▸ **Brief**: Given the listing below, write out exactly the lines starting with the line that has "#19940=EDGE_CURVE('',#12256,#12258,#4413,.T.);" and going on through the line that has "#25635=EDGE_CURVE('',#12258,#12260,#9355,.T.);", both kept.
Segment Open
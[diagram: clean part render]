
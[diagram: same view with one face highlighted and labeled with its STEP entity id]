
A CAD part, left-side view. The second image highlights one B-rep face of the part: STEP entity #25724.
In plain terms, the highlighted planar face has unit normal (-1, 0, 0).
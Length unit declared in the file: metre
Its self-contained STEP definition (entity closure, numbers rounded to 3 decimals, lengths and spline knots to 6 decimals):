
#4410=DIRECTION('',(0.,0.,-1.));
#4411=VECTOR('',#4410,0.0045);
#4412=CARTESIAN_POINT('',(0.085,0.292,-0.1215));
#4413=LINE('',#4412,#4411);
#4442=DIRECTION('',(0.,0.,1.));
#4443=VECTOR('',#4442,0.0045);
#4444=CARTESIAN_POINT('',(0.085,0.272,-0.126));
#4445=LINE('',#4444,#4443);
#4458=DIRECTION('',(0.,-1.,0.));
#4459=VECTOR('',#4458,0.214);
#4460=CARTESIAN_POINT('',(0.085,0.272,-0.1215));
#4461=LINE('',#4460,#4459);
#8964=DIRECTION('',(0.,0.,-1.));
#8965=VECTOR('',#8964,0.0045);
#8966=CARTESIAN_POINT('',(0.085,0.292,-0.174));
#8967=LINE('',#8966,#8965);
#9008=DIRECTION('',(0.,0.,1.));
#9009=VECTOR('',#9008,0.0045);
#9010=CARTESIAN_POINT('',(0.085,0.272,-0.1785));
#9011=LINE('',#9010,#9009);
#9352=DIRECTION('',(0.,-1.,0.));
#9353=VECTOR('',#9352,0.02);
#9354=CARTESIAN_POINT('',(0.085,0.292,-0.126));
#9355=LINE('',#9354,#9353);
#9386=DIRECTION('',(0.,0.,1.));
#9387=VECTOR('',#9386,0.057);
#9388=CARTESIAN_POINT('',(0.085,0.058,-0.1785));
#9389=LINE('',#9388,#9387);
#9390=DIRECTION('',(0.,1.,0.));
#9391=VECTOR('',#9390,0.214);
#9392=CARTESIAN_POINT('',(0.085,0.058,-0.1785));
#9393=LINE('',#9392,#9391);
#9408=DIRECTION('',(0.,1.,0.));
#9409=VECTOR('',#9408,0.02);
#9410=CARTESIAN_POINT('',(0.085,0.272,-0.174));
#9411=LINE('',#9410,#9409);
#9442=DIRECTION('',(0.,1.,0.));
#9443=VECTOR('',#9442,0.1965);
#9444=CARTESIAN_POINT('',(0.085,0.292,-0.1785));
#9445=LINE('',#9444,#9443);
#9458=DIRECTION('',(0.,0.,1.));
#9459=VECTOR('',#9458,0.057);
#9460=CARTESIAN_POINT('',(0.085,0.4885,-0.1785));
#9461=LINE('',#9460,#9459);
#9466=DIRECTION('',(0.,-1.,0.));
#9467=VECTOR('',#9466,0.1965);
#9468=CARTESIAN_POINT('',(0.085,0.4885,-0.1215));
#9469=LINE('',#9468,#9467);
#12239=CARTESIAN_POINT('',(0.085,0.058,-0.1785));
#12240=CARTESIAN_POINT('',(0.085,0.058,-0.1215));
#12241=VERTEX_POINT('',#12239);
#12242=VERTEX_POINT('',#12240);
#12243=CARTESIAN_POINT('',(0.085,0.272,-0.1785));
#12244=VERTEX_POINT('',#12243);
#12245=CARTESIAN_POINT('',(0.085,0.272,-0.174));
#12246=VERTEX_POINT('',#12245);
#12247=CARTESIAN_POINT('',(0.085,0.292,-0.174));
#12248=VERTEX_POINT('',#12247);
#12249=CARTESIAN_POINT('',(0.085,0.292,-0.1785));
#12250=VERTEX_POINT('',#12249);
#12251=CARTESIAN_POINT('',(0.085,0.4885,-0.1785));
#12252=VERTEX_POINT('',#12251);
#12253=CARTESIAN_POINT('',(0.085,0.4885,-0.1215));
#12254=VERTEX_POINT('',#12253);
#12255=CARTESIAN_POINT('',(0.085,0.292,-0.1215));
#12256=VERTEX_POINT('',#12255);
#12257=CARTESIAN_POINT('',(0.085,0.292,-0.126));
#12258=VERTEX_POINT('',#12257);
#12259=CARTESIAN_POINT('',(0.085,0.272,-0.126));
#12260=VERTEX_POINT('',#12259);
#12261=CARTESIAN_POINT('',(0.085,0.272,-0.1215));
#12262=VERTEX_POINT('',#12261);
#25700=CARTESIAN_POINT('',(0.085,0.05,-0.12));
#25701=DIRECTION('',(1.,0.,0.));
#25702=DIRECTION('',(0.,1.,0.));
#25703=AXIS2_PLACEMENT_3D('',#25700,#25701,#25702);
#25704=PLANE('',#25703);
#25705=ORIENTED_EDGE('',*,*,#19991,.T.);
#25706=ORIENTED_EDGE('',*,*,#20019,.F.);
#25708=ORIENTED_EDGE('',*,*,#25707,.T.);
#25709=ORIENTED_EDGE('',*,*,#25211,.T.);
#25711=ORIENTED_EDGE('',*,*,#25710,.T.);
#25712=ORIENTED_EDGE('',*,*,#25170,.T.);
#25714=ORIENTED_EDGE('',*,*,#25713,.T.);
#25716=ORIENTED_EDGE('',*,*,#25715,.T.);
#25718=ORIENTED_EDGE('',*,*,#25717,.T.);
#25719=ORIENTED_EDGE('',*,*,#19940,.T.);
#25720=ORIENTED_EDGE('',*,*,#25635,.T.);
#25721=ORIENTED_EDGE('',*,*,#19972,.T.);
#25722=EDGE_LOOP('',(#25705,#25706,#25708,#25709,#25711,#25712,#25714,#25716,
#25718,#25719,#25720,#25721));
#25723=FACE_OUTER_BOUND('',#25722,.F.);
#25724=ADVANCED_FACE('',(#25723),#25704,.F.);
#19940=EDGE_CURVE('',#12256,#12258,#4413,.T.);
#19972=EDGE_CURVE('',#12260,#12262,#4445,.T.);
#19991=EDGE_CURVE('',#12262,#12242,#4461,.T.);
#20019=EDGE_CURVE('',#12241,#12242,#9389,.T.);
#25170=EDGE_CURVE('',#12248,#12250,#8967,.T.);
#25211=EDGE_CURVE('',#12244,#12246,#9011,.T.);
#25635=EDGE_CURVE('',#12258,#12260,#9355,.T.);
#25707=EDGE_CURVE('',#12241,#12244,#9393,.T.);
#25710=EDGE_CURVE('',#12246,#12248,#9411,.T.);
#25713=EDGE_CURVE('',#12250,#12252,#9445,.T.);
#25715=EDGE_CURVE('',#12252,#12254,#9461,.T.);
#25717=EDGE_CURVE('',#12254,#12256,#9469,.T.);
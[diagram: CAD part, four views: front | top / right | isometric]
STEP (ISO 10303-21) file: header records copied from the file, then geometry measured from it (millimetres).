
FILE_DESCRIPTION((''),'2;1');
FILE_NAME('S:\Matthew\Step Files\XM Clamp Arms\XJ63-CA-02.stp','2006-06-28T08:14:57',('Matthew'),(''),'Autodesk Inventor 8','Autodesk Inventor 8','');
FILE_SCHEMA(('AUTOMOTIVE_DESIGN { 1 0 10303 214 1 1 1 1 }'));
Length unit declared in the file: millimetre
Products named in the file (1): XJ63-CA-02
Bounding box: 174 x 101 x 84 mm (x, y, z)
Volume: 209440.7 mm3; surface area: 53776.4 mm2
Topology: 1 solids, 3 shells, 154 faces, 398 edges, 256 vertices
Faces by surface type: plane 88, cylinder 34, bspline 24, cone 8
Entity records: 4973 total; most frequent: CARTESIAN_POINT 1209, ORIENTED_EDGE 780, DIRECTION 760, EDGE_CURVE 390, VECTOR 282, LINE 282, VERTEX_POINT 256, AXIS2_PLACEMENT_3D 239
Segment Closed
▸ **Answer area**:
#19940=EDGE_CURVE('',#12256,#12258,#4413,.T.);
#19972=EDGE_CURVE('',#12260,#12262,#4445,.T.);
#19991=EDGE_CURVE('',#12262,#12242,#4461,.T.);
#20019=EDGE_CURVE('',#12241,#12242,#9389,.T.);
#25170=EDGE_CURVE('',#12248,#12250,#8967,.T.);
#25211=EDGE_CURVE('',#12244,#12246,#9011,.T.);
#25635=EDGE_CURVE('',#12258,#12260,#9355,.T.);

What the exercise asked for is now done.